Collected data entries
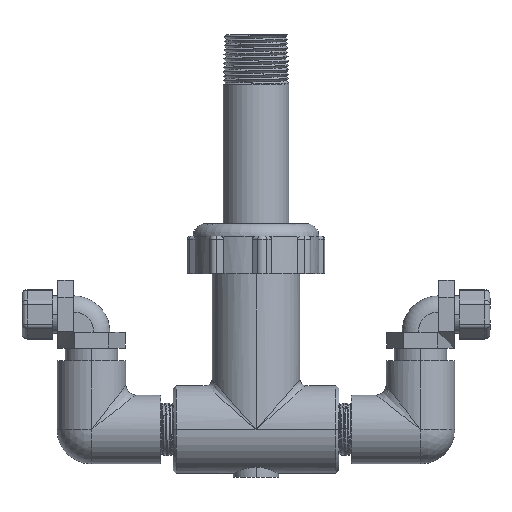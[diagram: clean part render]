
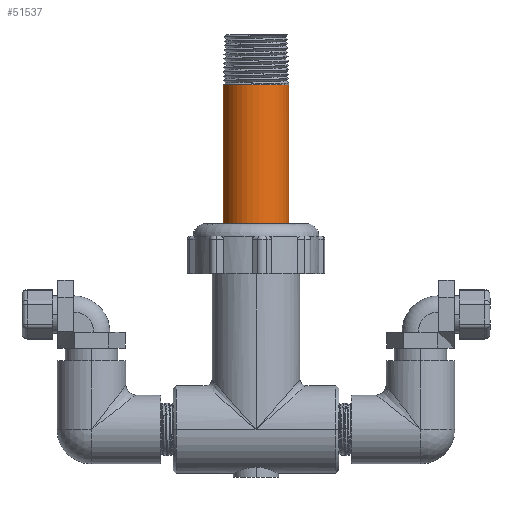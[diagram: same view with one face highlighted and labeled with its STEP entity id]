
A CAD part, top view. The second image highlights one B-rep face of the part: STEP entity #51537.
In plain terms, the highlighted cylindrical face has radius 16.701 mm (diameter 33.401 mm), a partial arc.
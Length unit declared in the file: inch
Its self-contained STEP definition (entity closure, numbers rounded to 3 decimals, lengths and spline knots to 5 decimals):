
#634 = AXIS2_PLACEMENT_3D ( 'NONE', #2421, #19875, #37274 ) ;
#792 = CYLINDRICAL_SURFACE ( 'NONE', #25217, 0.6575 ) ;
#2421 = CARTESIAN_POINT ( 'NONE',  ( 0., 0., 0.5 ) ) ;
#4192 = CARTESIAN_POINT ( 'NONE',  ( -0.6575, 0., 3.45757 ) ) ;
#5014 = EDGE_CURVE ( 'NONE', #51650, #21915, #19110, .T. ) ;
#5022 = CIRCLE ( 'NONE', #44218, 0.6575 ) ;
#6806 = CARTESIAN_POINT ( 'NONE',  ( 0.6575, 0., 3.49995 ) ) ;
#7316 = EDGE_CURVE ( 'NONE', #28242, #31199, #14583, .T. ) ;
#9988 = EDGE_CURVE ( 'NONE', #31199, #21733, #55726, .T. ) ;
#10626 = LINE ( 'NONE', #28060, #43363 ) ;
#12728 = DIRECTION ( 'NONE',  ( -1., 0., 0. ) ) ;
#14583 = B_SPLINE_CURVE_WITH_KNOTS ( 'NONE', 3,
 ( #36607, #54011, #14900, #32319 ),
 .UNSPECIFIED., .F., .F.,
 ( 4, 4 ),
 ( -0.00586, -0.0058 ),
 .UNSPECIFIED. ) ;
#14900 = CARTESIAN_POINT ( 'NONE',  ( 0.6575, 0.00075, 3.49997 ) ) ;
#15734 = CARTESIAN_POINT ( 'NONE',  ( 0.6575, 0.00225, 3.5 ) ) ;
#16056 = EDGE_LOOP ( 'NONE', ( #55439, #22510, #43721, #44443, #40752, #21983 ) ) ;
#16616 = CARTESIAN_POINT ( 'NONE',  ( 0.6575, 0., 4.5 ) ) ;
#18237 = CARTESIAN_POINT ( 'NONE',  ( 0., 0., 4.5 ) ) ;
#18276 = CARTESIAN_POINT ( 'NONE',  ( -0.6575, 0., 0.5 ) ) ;
#19110 = LINE ( 'NONE', #36518, #33916 ) ;
#19875 = DIRECTION ( 'NONE',  ( 0., 0., 1. ) ) ;
#21733 = VERTEX_POINT ( 'NONE', #51698 ) ;
#21915 = VERTEX_POINT ( 'NONE', #18276 ) ;
#21983 = ORIENTED_EDGE ( 'NONE', *, *, #42480, .T. ) ;
#22510 = ORIENTED_EDGE ( 'NONE', *, *, #9988, .T. ) ;
#25217 = AXIS2_PLACEMENT_3D ( 'NONE', #18237, #35652, #53054 ) ;
#25300 = CIRCLE ( 'NONE', #634, 0.6575 ) ;
#28060 = CARTESIAN_POINT ( 'NONE',  ( -0.6575, 0., 4.5 ) ) ;
#28242 = VERTEX_POINT ( 'NONE', #15734 ) ;
#29731 = CARTESIAN_POINT ( 'NONE',  ( -0.6575, 0., 3.5 ) ) ;
#31199 = VERTEX_POINT ( 'NONE', #6806 ) ;
#32319 = CARTESIAN_POINT ( 'NONE',  ( 0.6575, 0., 3.49995 ) ) ;
#33916 = VECTOR ( 'NONE', #53917, 39.37008 ) ;
#34035 = DIRECTION ( 'NONE',  ( 0., 0., -1. ) ) ;
#34437 = CARTESIAN_POINT ( 'NONE',  ( 0., 0., 3.5 ) ) ;
#35652 = DIRECTION ( 'NONE',  ( 0., 0., -1. ) ) ;
#36518 = CARTESIAN_POINT ( 'NONE',  ( -0.6575, 0., 4.5 ) ) ;
#36607 = CARTESIAN_POINT ( 'NONE',  ( 0.6575, 0.00225, 3.5 ) ) ;
#37274 = DIRECTION ( 'NONE',  ( -1., 0., 0. ) ) ;
#39912 = FACE_OUTER_BOUND ( 'NONE', #16056, .T. ) ;
#40752 = ORIENTED_EDGE ( 'NONE', *, *, #46734, .T. ) ;
#42480 = EDGE_CURVE ( 'NONE', #54151, #28242, #5022, .T. ) ;
#43363 = VECTOR ( 'NONE', #45427, 39.37008 ) ;
#43721 = ORIENTED_EDGE ( 'NONE', *, *, #53242, .T. ) ;
#44218 = AXIS2_PLACEMENT_3D ( 'NONE', #34437, #51834, #12728 ) ;
#44443 = ORIENTED_EDGE ( 'NONE', *, *, #5014, .F. ) ;
#45427 = DIRECTION ( 'NONE',  ( 0., 0., 1. ) ) ;
#46734 = EDGE_CURVE ( 'NONE', #51650, #54151, #10626, .T. ) ;
#51537 = ADVANCED_FACE ( 'NONE', ( #39912 ), #792, .T. ) ;
#51650 = VERTEX_POINT ( 'NONE', #4192 ) ;
#51698 = CARTESIAN_POINT ( 'NONE',  ( 0.6575, 0., 0.5 ) ) ;
#51834 = DIRECTION ( 'NONE',  ( 0., 0., -1. ) ) ;
#53054 = DIRECTION ( 'NONE',  ( -1., 0., 0. ) ) ;
#53242 = EDGE_CURVE ( 'NONE', #21733, #21915, #25300, .T. ) ;
#53917 = DIRECTION ( 'NONE',  ( 0., 0., -1. ) ) ;
#53935 = VECTOR ( 'NONE', #34035, 39.37008 ) ;
#54011 = CARTESIAN_POINT ( 'NONE',  ( 0.6575, 0.0015, 3.49998 ) ) ;
#54151 = VERTEX_POINT ( 'NONE', #29731 ) ;
#55439 = ORIENTED_EDGE ( 'NONE', *, *, #7316, .T. ) ;
#55726 = LINE ( 'NONE', #16616, #53935 ) ;
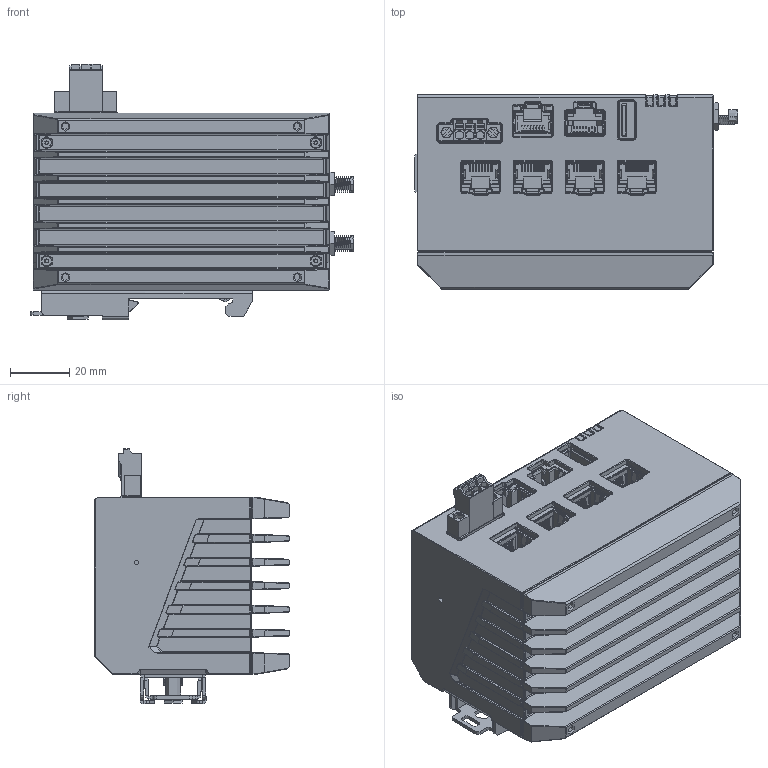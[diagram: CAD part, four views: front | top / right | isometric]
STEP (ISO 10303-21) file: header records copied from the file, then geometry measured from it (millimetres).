
FILE_DESCRIPTION((''),'2;1');
FILE_NAME('AWK_1165_T_DINRAIL_ASM','2024-04-01T16:03:01',('RositaCY_Yu'),('PTC'),'CREO PARAMETRIC BY PTC INC, 2023294','CREO PARAMETRIC BY PTC INC, 2023294','');
FILE_SCHEMA(('AUTOMOTIVE_DESIGN { 1 0 10303 214 1 1 1 1 }'));
Products named in the file (1): AWK_1165_T_DINRAIL_ASM
Bounding box: 109.3 x 65.8 x 86.58 mm (x, y, z)
Topology: 29 solids, 91 shells, 10871 faces, 30298 edges, 19116 vertices
Faces by surface type: plane 6506, cylinder 3141, bspline 399, cone 343, torus 253, sphere 212, extrusion 17
Full cylindrical faces by diameter (mm): 0.825 x2, 1.5 x3, 2.355 x2
Entity records: 406356 total; most frequent: CARTESIAN_POINT 102890, ORIENTED_EDGE 59716, DIRECTION 54102, EDGE_CURVE 30152, VECTOR 21672, LINE 21655, VERTEX_POINT 19140, AXIS2_PLACEMENT_3D 16215
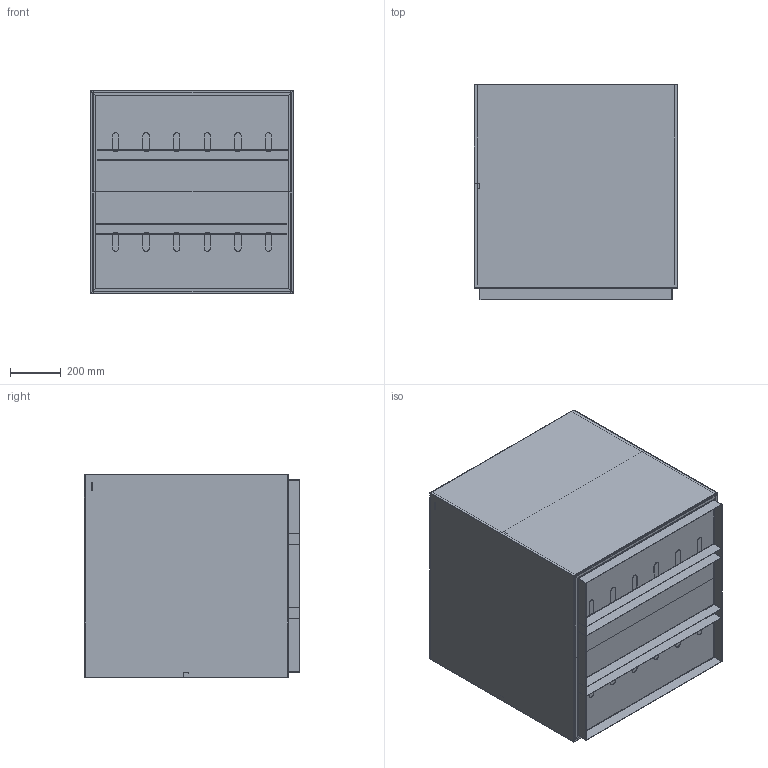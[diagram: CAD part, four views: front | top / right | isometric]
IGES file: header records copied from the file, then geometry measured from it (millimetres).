
Start section: SolidWorks IGES file using analytic representation for surfaces
Global section: file name: C:\VaultDeCastelli\Progetti\DC\PESO LEGGERO PRODOTTI\Ale\DeCastelli-3D-Cube 84.igs; native system: SolidWorks 2022; preprocessor: SolidWorks 2022; author: AlessandroP; date: 240802.102729; units: millimetre
Bounding box: 800 x 845 x 800 mm (x, y, z)
Surface area: 7096433.2 mm2 (no closed solid volume)
Topology: 0 solids, 0 shells, 134 faces, 1157 edges, 1157 vertices
Faces by surface type: bspline 88, revolution 46
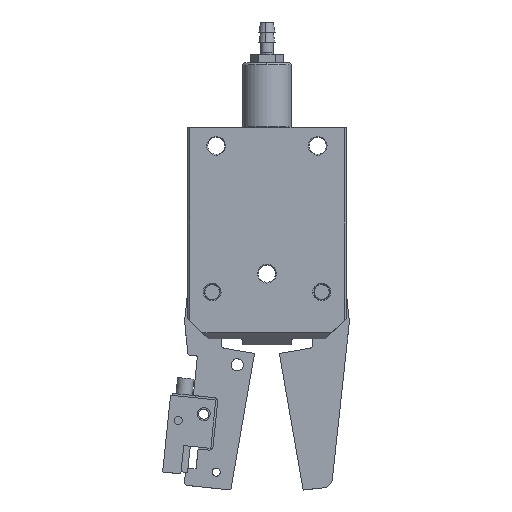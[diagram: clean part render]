
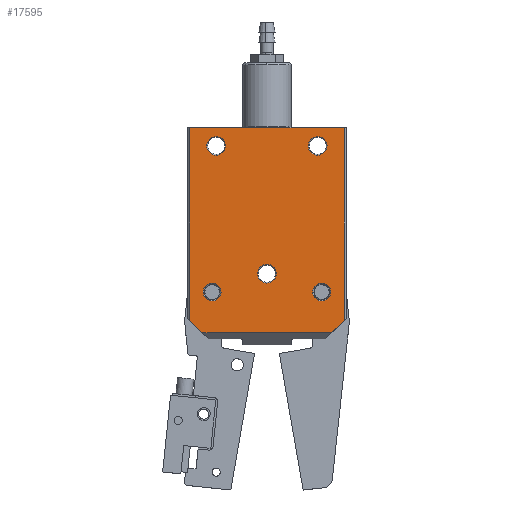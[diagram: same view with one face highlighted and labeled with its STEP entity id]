
A CAD part, top view. The second image highlights one B-rep face of the part: STEP entity #17595.
In plain terms, the highlighted planar face has unit normal (0, 0, 1).
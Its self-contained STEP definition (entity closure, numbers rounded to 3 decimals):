
#79 = FACE_BOUND ( 'NONE', #208, .T. ) ;
#94 = EDGE_CURVE ( 'NONE', #7983, #10625, #7030, .T. ) ;
#107 = DIRECTION ( 'NONE',  ( 0., -1., 0. ) ) ;
#208 = EDGE_LOOP ( 'NONE', ( #9707, #18822 ) ) ;
#428 = AXIS2_PLACEMENT_3D ( 'NONE', #18297, #9151, #107 ) ;
#478 = AXIS2_PLACEMENT_3D ( 'NONE', #4205, #14808, #5691 ) ;
#727 = ORIENTED_EDGE ( 'NONE', *, *, #2438, .F. ) ;
#757 = DIRECTION ( 'NONE',  ( 0., 0., -1. ) ) ;
#763 = VERTEX_POINT ( 'NONE', #10096 ) ;
#899 = DIRECTION ( 'NONE',  ( 0., 0., -1. ) ) ;
#1382 = EDGE_CURVE ( 'NONE', #19529, #16884, #8173, .T. ) ;
#1498 = DIRECTION ( 'NONE',  ( 0., 0., -1. ) ) ;
#1542 = CARTESIAN_POINT ( 'NONE',  ( -7.518, -30.872, 76.9 ) ) ;
#1721 = ORIENTED_EDGE ( 'NONE', *, *, #12504, .T. ) ;
#1796 = LINE ( 'NONE', #9381, #17454 ) ;
#1952 = CARTESIAN_POINT ( 'NONE',  ( -21.018, -20.872, 76.9 ) ) ;
#2164 = CIRCLE ( 'NONE', #6188, 2.2 ) ;
#2185 = DIRECTION ( 'NONE',  ( 1., 0., 0. ) ) ;
#2256 = CARTESIAN_POINT ( 'NONE',  ( -20.018, 17.428, 76.9 ) ) ;
#2328 = CARTESIAN_POINT ( 'NONE',  ( 5.982, -20.872, 76.9 ) ) ;
#2438 = EDGE_CURVE ( 'NONE', #4233, #4907, #12723, .T. ) ;
#2505 = AXIS2_PLACEMENT_3D ( 'NONE', #4483, #15112, #5986 ) ;
#2612 = CARTESIAN_POINT ( 'NONE',  ( 4.982, 15.128, 76.9 ) ) ;
#2768 = LINE ( 'NONE', #3754, #6301 ) ;
#2859 = AXIS2_PLACEMENT_3D ( 'NONE', #10564, #1498, #12127 ) ;
#2988 = CARTESIAN_POINT ( 'NONE',  ( -7.518, -14.072, 76.9 ) ) ;
#3097 = DIRECTION ( 'NONE',  ( 0., 0., -1. ) ) ;
#3180 = ORIENTED_EDGE ( 'NONE', *, *, #15090, .T. ) ;
#3248 = CIRCLE ( 'NONE', #478, 2.3 ) ;
#3494 = DIRECTION ( 'NONE',  ( 0., -1., 0. ) ) ;
#3577 = CIRCLE ( 'NONE', #2505, 2.3 ) ;
#3648 = FACE_BOUND ( 'NONE', #12528, .T. ) ;
#3702 = CARTESIAN_POINT ( 'NONE',  ( 8.482, -30.872, 76.9 ) ) ;
#3754 = CARTESIAN_POINT ( 'NONE',  ( -26.518, -5.622, 76.9 ) ) ;
#3867 = DIRECTION ( 'NONE',  ( 0., -1., 0. ) ) ;
#4205 = CARTESIAN_POINT ( 'NONE',  ( 4.982, 15.128, 76.9 ) ) ;
#4233 = VERTEX_POINT ( 'NONE', #17228 ) ;
#4412 = VECTOR ( 'NONE', #10799, 1000. ) ;
#4483 = CARTESIAN_POINT ( 'NONE',  ( -7.518, -16.372, 76.9 ) ) ;
#4608 = ORIENTED_EDGE ( 'NONE', *, *, #6196, .T. ) ;
#4907 = VERTEX_POINT ( 'NONE', #2256 ) ;
#5246 = ORIENTED_EDGE ( 'NONE', *, *, #8940, .F. ) ;
#5254 = DIRECTION ( 'NONE',  ( 0., -1., 0. ) ) ;
#5275 = DIRECTION ( 'NONE',  ( 0.707, 0.707, 0. ) ) ;
#5691 = DIRECTION ( 'NONE',  ( 0., -1., 0. ) ) ;
#5706 = VERTEX_POINT ( 'NONE', #11151 ) ;
#5986 = DIRECTION ( 'NONE',  ( 0., -1., 0. ) ) ;
#6188 = AXIS2_PLACEMENT_3D ( 'NONE', #2328, #12931, #3867 ) ;
#6196 = EDGE_CURVE ( 'NONE', #5706, #14249, #1796, .T. ) ;
#6301 = VECTOR ( 'NONE', #5254, 1000. ) ;
#6351 = EDGE_LOOP ( 'NONE', ( #727, #5246 ) ) ;
#6431 = EDGE_CURVE ( 'NONE', #9030, #16514, #6957, .T. ) ;
#6572 = EDGE_CURVE ( 'NONE', #10625, #5706, #14084, .T. ) ;
#6594 = EDGE_CURVE ( 'NONE', #17233, #14234, #19561, .T. ) ;
#6957 = CIRCLE ( 'NONE', #2859, 2.3 ) ;
#7030 = LINE ( 'NONE', #1542, #11076 ) ;
#7168 = EDGE_LOOP ( 'NONE', ( #10737, #11220, #7173, #11707, #4608, #9064 ) ) ;
#7173 = ORIENTED_EDGE ( 'NONE', *, *, #94, .T. ) ;
#7185 = AXIS2_PLACEMENT_3D ( 'NONE', #1952, #12556, #3494 ) ;
#7497 = CARTESIAN_POINT ( 'NONE',  ( -23.518, -30.872, 76.9 ) ) ;
#7674 = FACE_BOUND ( 'NONE', #13827, .T. ) ;
#7865 = AXIS2_PLACEMENT_3D ( 'NONE', #9950, #899, #11513 ) ;
#7983 = VERTEX_POINT ( 'NONE', #7497 ) ;
#7999 = DIRECTION ( 'NONE',  ( 0., 0., 1. ) ) ;
#8173 = CIRCLE ( 'NONE', #15703, 2.3 ) ;
#8334 = VERTEX_POINT ( 'NONE', #10496 ) ;
#8458 = DIRECTION ( 'NONE',  ( 0., 0., 1. ) ) ;
#8940 = EDGE_CURVE ( 'NONE', #4907, #4233, #17810, .T. ) ;
#9030 = VERTEX_POINT ( 'NONE', #15375 ) ;
#9064 = ORIENTED_EDGE ( 'NONE', *, *, #13459, .T. ) ;
#9151 = DIRECTION ( 'NONE',  ( 0., 0., 1. ) ) ;
#9381 = CARTESIAN_POINT ( 'NONE',  ( 11.482, -5.622, 76.9 ) ) ;
#9707 = ORIENTED_EDGE ( 'NONE', *, *, #10984, .T. ) ;
#9806 = CARTESIAN_POINT ( 'NONE',  ( 5.982, -20.872, 76.9 ) ) ;
#9950 = CARTESIAN_POINT ( 'NONE',  ( -21.018, -20.872, 76.9 ) ) ;
#9996 = VECTOR ( 'NONE', #5275, 1000. ) ;
#10059 = CARTESIAN_POINT ( 'NONE',  ( -21.018, -18.672, 76.9 ) ) ;
#10096 = CARTESIAN_POINT ( 'NONE',  ( -21.018, -23.072, 76.9 ) ) ;
#10496 = CARTESIAN_POINT ( 'NONE',  ( -26.518, 19.628, 76.9 ) ) ;
#10500 = CARTESIAN_POINT ( 'NONE',  ( 11.482, 19.628, 76.9 ) ) ;
#10564 = CARTESIAN_POINT ( 'NONE',  ( -7.518, -16.372, 76.9 ) ) ;
#10602 = CARTESIAN_POINT ( 'NONE',  ( 4.982, 12.828, 76.9 ) ) ;
#10625 = VERTEX_POINT ( 'NONE', #15445 ) ;
#10675 = CARTESIAN_POINT ( 'NONE',  ( -7.518, 19.628, 76.9 ) ) ;
#10737 = ORIENTED_EDGE ( 'NONE', *, *, #10864, .T. ) ;
#10799 = DIRECTION ( 'NONE',  ( 0.707, -0.707, 0. ) ) ;
#10864 = EDGE_CURVE ( 'NONE', #8334, #15961, #2768, .T. ) ;
#10923 = VERTEX_POINT ( 'NONE', #10059 ) ;
#10974 = PLANE ( 'NONE',  #10981 ) ;
#10981 = AXIS2_PLACEMENT_3D ( 'NONE', #17106, #7999, #18653 ) ;
#10984 = EDGE_CURVE ( 'NONE', #16884, #19529, #3248, .T. ) ;
#11076 = VECTOR ( 'NONE', #2185, 1000. ) ;
#11151 = CARTESIAN_POINT ( 'NONE',  ( 11.482, -27.872, 76.9 ) ) ;
#11220 = ORIENTED_EDGE ( 'NONE', *, *, #16964, .T. ) ;
#11366 = DIRECTION ( 'NONE',  ( 0., -1., 0. ) ) ;
#11513 = DIRECTION ( 'NONE',  ( 0., -1., 0. ) ) ;
#11663 = CARTESIAN_POINT ( 'NONE',  ( 5.982, -18.672, 76.9 ) ) ;
#11702 = FACE_BOUND ( 'NONE', #16798, .T. ) ;
#11707 = ORIENTED_EDGE ( 'NONE', *, *, #6572, .T. ) ;
#11916 = ORIENTED_EDGE ( 'NONE', *, *, #14851, .T. ) ;
#12127 = DIRECTION ( 'NONE',  ( 0., -1., 0. ) ) ;
#12235 = DIRECTION ( 'NONE',  ( -1., 0., 0. ) ) ;
#12290 = CARTESIAN_POINT ( 'NONE',  ( -26.518, -27.872, 76.9 ) ) ;
#12474 = LINE ( 'NONE', #12290, #4412 ) ;
#12504 = EDGE_CURVE ( 'NONE', #763, #10923, #16250, .T. ) ;
#12528 = EDGE_LOOP ( 'NONE', ( #1721, #3180 ) ) ;
#12556 = DIRECTION ( 'NONE',  ( 0., 0., -1. ) ) ;
#12614 = ORIENTED_EDGE ( 'NONE', *, *, #6594, .T. ) ;
#12723 = CIRCLE ( 'NONE', #12823, 2.3 ) ;
#12823 = AXIS2_PLACEMENT_3D ( 'NONE', #17584, #8458, #19131 ) ;
#12931 = DIRECTION ( 'NONE',  ( 0., 0., -1. ) ) ;
#13301 = VECTOR ( 'NONE', #12235, 1000. ) ;
#13459 = EDGE_CURVE ( 'NONE', #14249, #8334, #13788, .T. ) ;
#13607 = DIRECTION ( 'NONE',  ( 0., -1., 0. ) ) ;
#13788 = LINE ( 'NONE', #10675, #13301 ) ;
#13827 = EDGE_LOOP ( 'NONE', ( #18116, #11916 ) ) ;
#14002 = DIRECTION ( 'NONE',  ( 0., 1., 0. ) ) ;
#14084 = LINE ( 'NONE', #3702, #9996 ) ;
#14234 = VERTEX_POINT ( 'NONE', #16592 ) ;
#14249 = VERTEX_POINT ( 'NONE', #10500 ) ;
#14666 = AXIS2_PLACEMENT_3D ( 'NONE', #9806, #757, #11366 ) ;
#14808 = DIRECTION ( 'NONE',  ( 0., 0., -1. ) ) ;
#14851 = EDGE_CURVE ( 'NONE', #16514, #9030, #3577, .T. ) ;
#15070 = CARTESIAN_POINT ( 'NONE',  ( -26.518, -27.872, 76.9 ) ) ;
#15090 = EDGE_CURVE ( 'NONE', #10923, #763, #19701, .T. ) ;
#15112 = DIRECTION ( 'NONE',  ( 0., 0., -1. ) ) ;
#15375 = CARTESIAN_POINT ( 'NONE',  ( -7.518, -18.672, 76.9 ) ) ;
#15445 = CARTESIAN_POINT ( 'NONE',  ( 8.482, -30.872, 76.9 ) ) ;
#15703 = AXIS2_PLACEMENT_3D ( 'NONE', #2612, #3097, #13607 ) ;
#15754 = FACE_BOUND ( 'NONE', #6351, .T. ) ;
#15961 = VERTEX_POINT ( 'NONE', #15070 ) ;
#16250 = CIRCLE ( 'NONE', #7865, 2.2 ) ;
#16514 = VERTEX_POINT ( 'NONE', #2988 ) ;
#16592 = CARTESIAN_POINT ( 'NONE',  ( 5.982, -23.072, 76.9 ) ) ;
#16798 = EDGE_LOOP ( 'NONE', ( #19283, #12614 ) ) ;
#16884 = VERTEX_POINT ( 'NONE', #10602 ) ;
#16964 = EDGE_CURVE ( 'NONE', #15961, #7983, #12474, .T. ) ;
#16995 = CARTESIAN_POINT ( 'NONE',  ( 4.982, 17.428, 76.9 ) ) ;
#17106 = CARTESIAN_POINT ( 'NONE',  ( -26.518, -30.872, 76.9 ) ) ;
#17228 = CARTESIAN_POINT ( 'NONE',  ( -20.018, 12.828, 76.9 ) ) ;
#17233 = VERTEX_POINT ( 'NONE', #11663 ) ;
#17454 = VECTOR ( 'NONE', #14002, 1000. ) ;
#17584 = CARTESIAN_POINT ( 'NONE',  ( -20.018, 15.128, 76.9 ) ) ;
#17595 = ADVANCED_FACE ( 'NONE', ( #15754, #79, #11702, #7674, #3648, #19313 ), #10974, .T. ) ;
#17810 = CIRCLE ( 'NONE', #428, 2.3 ) ;
#18116 = ORIENTED_EDGE ( 'NONE', *, *, #6431, .T. ) ;
#18297 = CARTESIAN_POINT ( 'NONE',  ( -20.018, 15.128, 76.9 ) ) ;
#18653 = DIRECTION ( 'NONE',  ( 1., 0., 0. ) ) ;
#18822 = ORIENTED_EDGE ( 'NONE', *, *, #1382, .T. ) ;
#19084 = EDGE_CURVE ( 'NONE', #14234, #17233, #2164, .T. ) ;
#19131 = DIRECTION ( 'NONE',  ( 0., -1., 0. ) ) ;
#19283 = ORIENTED_EDGE ( 'NONE', *, *, #19084, .T. ) ;
#19313 = FACE_OUTER_BOUND ( 'NONE', #7168, .T. ) ;
#19529 = VERTEX_POINT ( 'NONE', #16995 ) ;
#19561 = CIRCLE ( 'NONE', #14666, 2.2 ) ;
#19701 = CIRCLE ( 'NONE', #7185, 2.2 ) ;

» TASK ITEM
Find every line above that contains the word "records", and return each one.

» EXERCISE ANSWER
STEP (ISO 10303-21) file: header records copied from the file, then geometry measured from it (millimetres).
Entity records: 406356 total; most frequent: CARTESIAN_POINT 102890, ORIENTED_EDGE 59716, DIRECTION 54102, EDGE_CURVE 30152, VECTOR 21672, LINE 21655, VERTEX_POINT 19140, AXIS2_PLACEMENT_3D 16215
IGES file: header records copied from the file, then geometry measured from it (millimetres).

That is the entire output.